[Dataset entries]
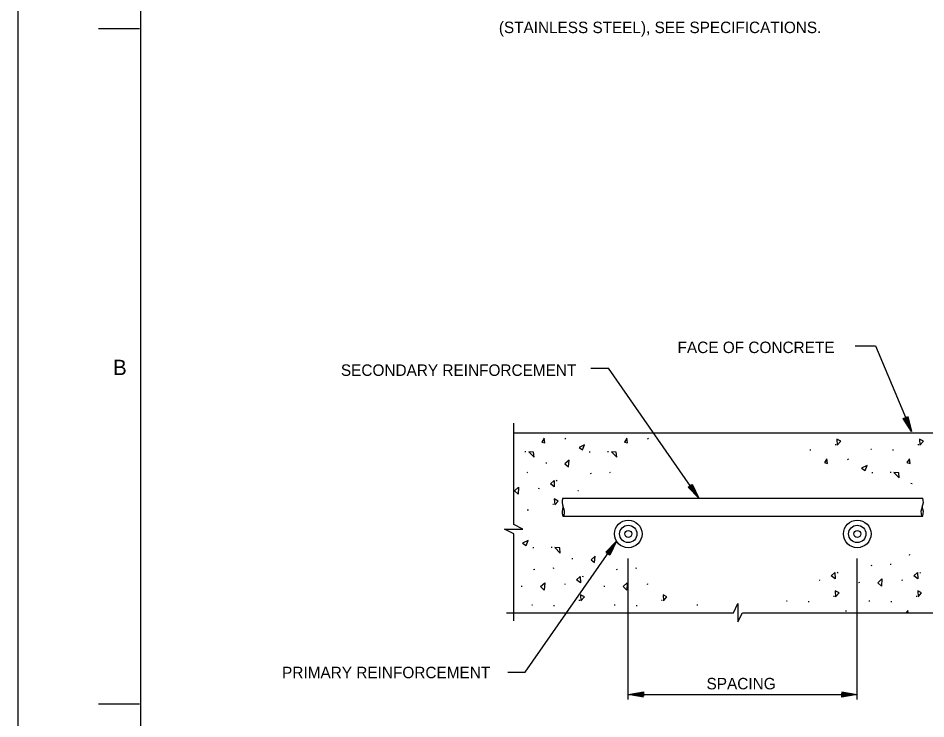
# Model space of a CAD drawing. Extents: x 22369.62 to 22373.29, y 22369.62 to 22372.46.
# Drawn here: x 22369.621 to 22370.546, y 22370.335 to 22371.049 of the extents above; entities that cross this region are included whole.
import ezdxf

# ---------------------------------------------------------------- set-up
doc = ezdxf.new("R2010")
doc.units = 0
for name, color, linetype in [('Default', 7, 'Continuous'), ('Level 1', 7, 'Continuous'), ('Level 10', 7, 'Continuous'), ('Level 2', 7, 'Continuous'), ('Level 22', 7, 'Continuous'), ('Level 4', 7, 'Continuous'), ('Level 7', 7, 'Continuous'), ('Level 8', 7, 'Continuous'), ('Level 9', 7, 'Continuous')]:
    doc.layers.add(name, color=color, linetype=linetype)

msp = doc.modelspace()

# ---------------------------------------------------------------- linework, layer by layer
at = {"layer": 'Default'}
for p, q in [((22370.1793, 22370.62059), (22370.1783, 22370.62009)), ((22370.26346, 22370.62059), (22370.26246, 22370.62009)), ((22370.42905, 22370.6087), (22370.42792, 22370.6087)), ((22370.45469, 22370.61428), (22370.45386, 22370.61434)), ((22370.4908, 22370.6094), (22370.48996, 22370.60955)), ((22370.51321, 22370.6087), (22370.51209, 22370.6087)), ((22370.53886, 22370.61428), (22370.53803, 22370.61434)), ((22370.13871, 22370.60715), (22370.13765, 22370.60715)), ((22370.20421, 22370.60676), (22370.20309, 22370.60676)), ((22370.22288, 22370.60715), (22370.22182, 22370.60715)), ((22370.46721, 22370.59959), (22370.46621, 22370.59909)), ((22370.15992, 22370.59551), (22370.15884, 22370.5957)), ((22370.14036, 22370.58607), (22370.13955, 22370.58576)), ((22370.20511, 22370.58495), (22370.20398, 22370.58463)), ((22370.22453, 22370.58607), (22370.22371, 22370.58576)), ((22370.49213, 22370.58576), (22370.491, 22370.58576)), ((22370.5108, 22370.58615), (22370.50973, 22370.58615)), ((22370.17053, 22370.57724), (22370.16959, 22370.5778)), ((22370.532, 22370.57451), (22370.53092, 22370.5747)), ((22370.15238, 22370.56949), (22370.15148, 22370.5699)), ((22370.19236, 22370.56749), (22370.19144, 22370.5674)), ((22370.16678, 22370.5533), (22370.16594, 22370.55336)), ((22370.14113, 22370.54772), (22370.14, 22370.54772)), ((22370.14668, 22370.5092), (22370.14556, 22370.5092)), ((22370.16535, 22370.50959), (22370.16429, 22370.50959)), ((22370.18656, 22370.49795), (22370.18547, 22370.49813)), ((22370.5302, 22370.50194), (22370.52912, 22370.50212)), ((22370.16699, 22370.48851), (22370.16618, 22370.4882)), ((22370.25116, 22370.48851), (22370.25035, 22370.4882)), ((22370.49122, 22370.49137), (22370.4901, 22370.49106)), ((22370.51064, 22370.4925), (22370.50983, 22370.49219)), ((22370.14758, 22370.48738), (22370.14645, 22370.48707)), ((22370.19716, 22370.47968), (22370.19622, 22370.48024)), ((22370.23174, 22370.48738), (22370.23062, 22370.48707)), ((22370.45664, 22370.48366), (22370.4557, 22370.48423)), ((22370.54081, 22370.48366), (22370.53987, 22370.48423)), ((22370.13483, 22370.46993), (22370.13391, 22370.46984)), ((22370.17901, 22370.47193), (22370.17812, 22370.47234)), ((22370.21899, 22370.46993), (22370.21808, 22370.46984)), ((22370.26318, 22370.47193), (22370.26229, 22370.47234)), ((22370.43849, 22370.47591), (22370.4376, 22370.47633)), ((22370.47847, 22370.47391), (22370.47756, 22370.47383)), ((22370.52266, 22370.47591), (22370.52176, 22370.47633)), ((22370.19341, 22370.45574), (22370.19258, 22370.4558)), ((22370.27758, 22370.45574), (22370.27674, 22370.4558)), ((22370.40483, 22370.45485), (22370.40399, 22370.455)), ((22370.42724, 22370.45414), (22370.42612, 22370.45414)), ((22370.45289, 22370.45973), (22370.45206, 22370.45979)), ((22370.48899, 22370.45485), (22370.48816, 22370.455)), ((22370.51141, 22370.45414), (22370.51029, 22370.45414)), ((22370.53706, 22370.45973), (22370.53622, 22370.45979)), ((22370.14535, 22370.45086), (22370.14451, 22370.45101)), ((22370.16776, 22370.45015), (22370.16664, 22370.45015)), ((22370.22951, 22370.45086), (22370.22868, 22370.45101)), ((22370.25193, 22370.45015), (22370.25081, 22370.45015)), ((22370.31368, 22370.45086), (22370.31285, 22370.45101)), ((22370.46541, 22370.44504), (22370.46441, 22370.44454))]:
    msp.add_line(p, q, dxfattribs=at)
for points in [[(22370.15796, 22370.61636), (22370.15738, 22370.62093), (22370.15482, 22370.61711)], [(22370.24213, 22370.61636), (22370.24155, 22370.62093), (22370.23898, 22370.61711)], [(22370.4559, 22370.61399), (22370.45946, 22370.61799), (22370.45548, 22370.62011)], [(22370.54007, 22370.61399), (22370.54363, 22370.61799), (22370.53965, 22370.62011)], [(22370.19634, 22370.6092), (22370.19832, 22370.6143), (22370.1928, 22370.61161)], [(22370.14653, 22370.60688), (22370.14153, 22370.60715), (22370.14694, 22370.60161)], [(22370.23069, 22370.60688), (22370.22569, 22370.60715), (22370.23111, 22370.60161)], [(22370.44588, 22370.59536), (22370.4453, 22370.59993), (22370.44273, 22370.59611)], [(22370.53005, 22370.59536), (22370.52946, 22370.59993), (22370.5269, 22370.59611)], [(22370.18267, 22370.59851), (22370.1784, 22370.59478), (22370.18194, 22370.5918)], [(22370.48425, 22370.5882), (22370.48623, 22370.5933), (22370.48071, 22370.59061)], [(22370.51861, 22370.58588), (22370.51361, 22370.58615), (22370.51903, 22370.58061)], [(22370.16757, 22370.57134), (22370.16357, 22370.57436), (22370.1674, 22370.57776)], [(22370.13071, 22370.56382), (22370.12686, 22370.56738), (22370.13113, 22370.5712)], [(22370.16798, 22370.55301), (22370.17155, 22370.55701), (22370.16757, 22370.55913)], [(22370.13881, 22370.51163), (22370.14079, 22370.51674), (22370.13526, 22370.51405)], [(22370.17316, 22370.50932), (22370.16816, 22370.50959), (22370.17358, 22370.50405)], [(22370.20931, 22370.50095), (22370.20504, 22370.49722), (22370.20858, 22370.49424)], [(22370.1942, 22370.47378), (22370.1902, 22370.4768), (22370.19404, 22370.4802)], [(22370.45368, 22370.47777), (22370.44968, 22370.48079), (22370.45351, 22370.48419)], [(22370.53785, 22370.47777), (22370.53385, 22370.48079), (22370.53768, 22370.48419)], [(22370.15735, 22370.46626), (22370.15349, 22370.46982), (22370.15776, 22370.47363)], [(22370.24151, 22370.46626), (22370.23766, 22370.46982), (22370.24193, 22370.47363)], [(22370.50099, 22370.47025), (22370.49714, 22370.47381), (22370.50141, 22370.47762)], [(22370.19462, 22370.45545), (22370.19818, 22370.45945), (22370.1942, 22370.46157)], [(22370.27879, 22370.45545), (22370.28235, 22370.45945), (22370.27837, 22370.46157)], [(22370.4541, 22370.45944), (22370.45766, 22370.46344), (22370.45368, 22370.46556)], [(22370.53826, 22370.45944), (22370.54183, 22370.46344), (22370.53785, 22370.46556)]]:
    msp.add_lwpolyline(points, close=True, dxfattribs=at)
msp.add_lwpolyline([(22370.52795, 22370.44308), (22370.52766, 22370.44537), (22370.52612, 22370.44308)], dxfattribs=at)
at = {"layer": 'Level 1'}
for p, q in [((22370.12621, 22370.53298), (22370.12621, 22370.63628)), ((22370.12621, 22370.52363), (22370.11684, 22370.52829)), ((22370.11684, 22370.52829), (22370.13557, 22370.52829)), ((22370.13557, 22370.52829), (22370.12621, 22370.53298)), ((22370.12621, 22370.43486), (22370.12621, 22370.52363)), ((22370.24288, 22370.35468), (22370.24288, 22370.49852)), ((22370.47621, 22370.35468), (22370.47621, 22370.49852)), ((22370.35003, 22370.44322), (22370.35468, 22370.45259)), ((22370.35468, 22370.45259), (22370.35468, 22370.43386)), ((22370.11893, 22370.44322), (22370.35003, 22370.44322)), ((22370.35468, 22370.43386), (22370.35937, 22370.44322)), ((22370.35937, 22370.44322), (22370.6021, 22370.44322)), ((22370.24288, 22370.35988), (22370.47621, 22370.35988))]:
    msp.add_line(p, q, dxfattribs=at)
msp.add_lwpolyline([(22369.6213, 22372.4553), (22373.288, 22372.4553), (22373.288, 22369.6213), (22369.6213, 22369.6213)], close=True, dxfattribs=at)
at = {"layer": 'Level 10'}
for p, q in [((22369.703, 22371.0383), (22369.745, 22371.0383)), ((22370.12621, 22370.62655), (22370.59288, 22370.62655)), ((22369.703, 22370.3503), (22369.745, 22370.3503))]:
    msp.add_line(p, q, dxfattribs=at)
at = {"layer": 'Level 2'}
for p, q in [((22370.20489, 22370.69224), (22370.2228, 22370.69224)), ((22370.3149, 22370.55988), (22370.2228, 22370.69224)), ((22370.13803, 22370.38262), (22370.23091, 22370.51611)), ((22370.12012, 22370.38262), (22370.13803, 22370.38262))]:
    msp.add_line(p, q, dxfattribs=at)
for points in [[(22370.47403, 22370.71506), (22370.49485, 22370.71506), (22370.53159, 22370.62777)], [(22370.52792, 22370.64313), (22370.53159, 22370.62777), (22370.52316, 22370.64113), (22370.52723, 22370.64284), (22370.52991, 22370.63176), (22370.52419, 22370.64084), (22370.5268, 22370.64194), (22370.52829, 22370.6356), (22370.52521, 22370.64055), (22370.52629, 22370.641), (22370.52661, 22370.6396)], [(22370.30812, 22370.57415), (22370.3149, 22370.55988), (22370.30388, 22370.5712), (22370.3075, 22370.57372), (22370.31242, 22370.56344), (22370.30494, 22370.57112), (22370.30726, 22370.57275), (22370.31005, 22370.56686), (22370.306, 22370.57106), (22370.30696, 22370.57173), (22370.30757, 22370.57041)], [(22370.21989, 22370.5048), (22370.23091, 22370.51611), (22370.22413, 22370.50184), (22370.2205, 22370.50437), (22370.22843, 22370.51256), (22370.22383, 22370.50287), (22370.2215, 22370.50449), (22370.22606, 22370.50913), (22370.22353, 22370.50389), (22370.22257, 22370.50456), (22370.22358, 22370.50558)], [(22370.25846, 22370.3573), (22370.24288, 22370.35988), (22370.25846, 22370.36247), (22370.25846, 22370.35805), (22370.24721, 22370.35988), (22370.2578, 22370.36163), (22370.2578, 22370.3588), (22370.25138, 22370.35988), (22370.25713, 22370.3608), (22370.25713, 22370.35963), (22370.25571, 22370.35988)], [(22370.46063, 22370.36247), (22370.47621, 22370.35988), (22370.46063, 22370.3573), (22370.46063, 22370.36172), (22370.47188, 22370.35988), (22370.4613, 22370.35813), (22370.4613, 22370.36097), (22370.46771, 22370.35988), (22370.46196, 22370.35897), (22370.46196, 22370.36013), (22370.46338, 22370.35988)]]:
    msp.add_lwpolyline(points, dxfattribs=at)
at = {"layer": 'Level 22'}
for centre, radius in [((22370.24288, 22370.52349), 0.01406), ((22370.47621, 22370.52349), 0.01406), ((22370.24288, 22370.52349), 0.00879), ((22370.24288, 22370.52349), 0.00352), ((22370.47621, 22370.52349), 0.00879), ((22370.47621, 22370.52349), 0.00352)]:
    msp.add_circle(centre, radius, dxfattribs=at)
at = {"layer": 'Level 7'}
for p, q in [((22370.17621, 22370.55988), (22370.54288, 22370.55988)), ((22370.17675, 22370.54155), (22370.54288, 22370.54155))]:
    msp.add_line(p, q, dxfattribs=at)
for centre, radius, start, end in [((22370.18685, 22370.55597), 0.01133, 159.80812, 206.60705), ((22370.53225, 22370.55597), 0.01133, 333.39295, 20.19188), ((22370.18685, 22370.54582), 0.01133, 153.39295, 200.19356), ((22370.16662, 22370.54582), 0.01133, 339.80644, 26.60705), ((22370.55247, 22370.54582), 0.01133, 153.39295, 200.19356), ((22370.53225, 22370.54582), 0.01133, 339.80644, 26.60705), ((22370.17673, 22370.5421), 0.000555, 200.19356, 339.80644), ((22370.54236, 22370.5421), 0.000555, 200.19356, 339.80644)]:
    msp.add_arc(centre, radius, start, end, dxfattribs=at)
at = {"layer": 'Level 8'}
for p, q in [((22370.52991, 22370.63176), (22370.52991, 22370.63176)), ((22370.53159, 22370.62777), (22370.53159, 22370.62777)), ((22370.31242, 22370.56344), (22370.31242, 22370.56344)), ((22370.3149, 22370.55988), (22370.3149, 22370.55988)), ((22370.23091, 22370.51611), (22370.23091, 22370.51611)), ((22370.22843, 22370.51256), (22370.22843, 22370.51256)), ((22370.24288, 22370.35988), (22370.24288, 22370.35988)), ((22370.24721, 22370.35988), (22370.24721, 22370.35988)), ((22370.47188, 22370.35988), (22370.47188, 22370.35988)), ((22370.47621, 22370.35988), (22370.47621, 22370.35988))]:
    msp.add_line(p, q, dxfattribs=at)
at = {"layer": 'Level 9'}
msp.add_line((22369.7463, 22369.6633), (22369.7463, 22372.4133), dxfattribs=at)

# ---------------------------------------------------------------- texts
at = {"layer": 'Level 1'}
msp.add_text('B', height=0.01561, dxfattribs=at).set_placement((22369.718, 22370.6853))
at = {"layer": 'Level 4'}
for s, height, p in [('(STAINLESS STEEL), SEE SPECIFICATIONS.', 0.0116667, (22370.11107, 22371.03368)), ('FACE OF CONCRETE', 0.0116979, (22370.29314, 22370.7077)), ('SECONDARY REINFORCEMENT', 0.0116979, (22369.95012, 22370.68447)), ('PRIMARY REINFORCEMENT', 0.0116979, (22369.89021, 22370.37648)), ('SPACING', 0.011698, (22370.32267, 22370.36514))]:
    msp.add_text(s, height=height, dxfattribs=at).set_placement(p)

doc.saveas('drawing.dxf')

__TASK GOAL__
Go through the entries above and count the lines with the word "Default", then give only that number.

__YOUR SOLUTION__
2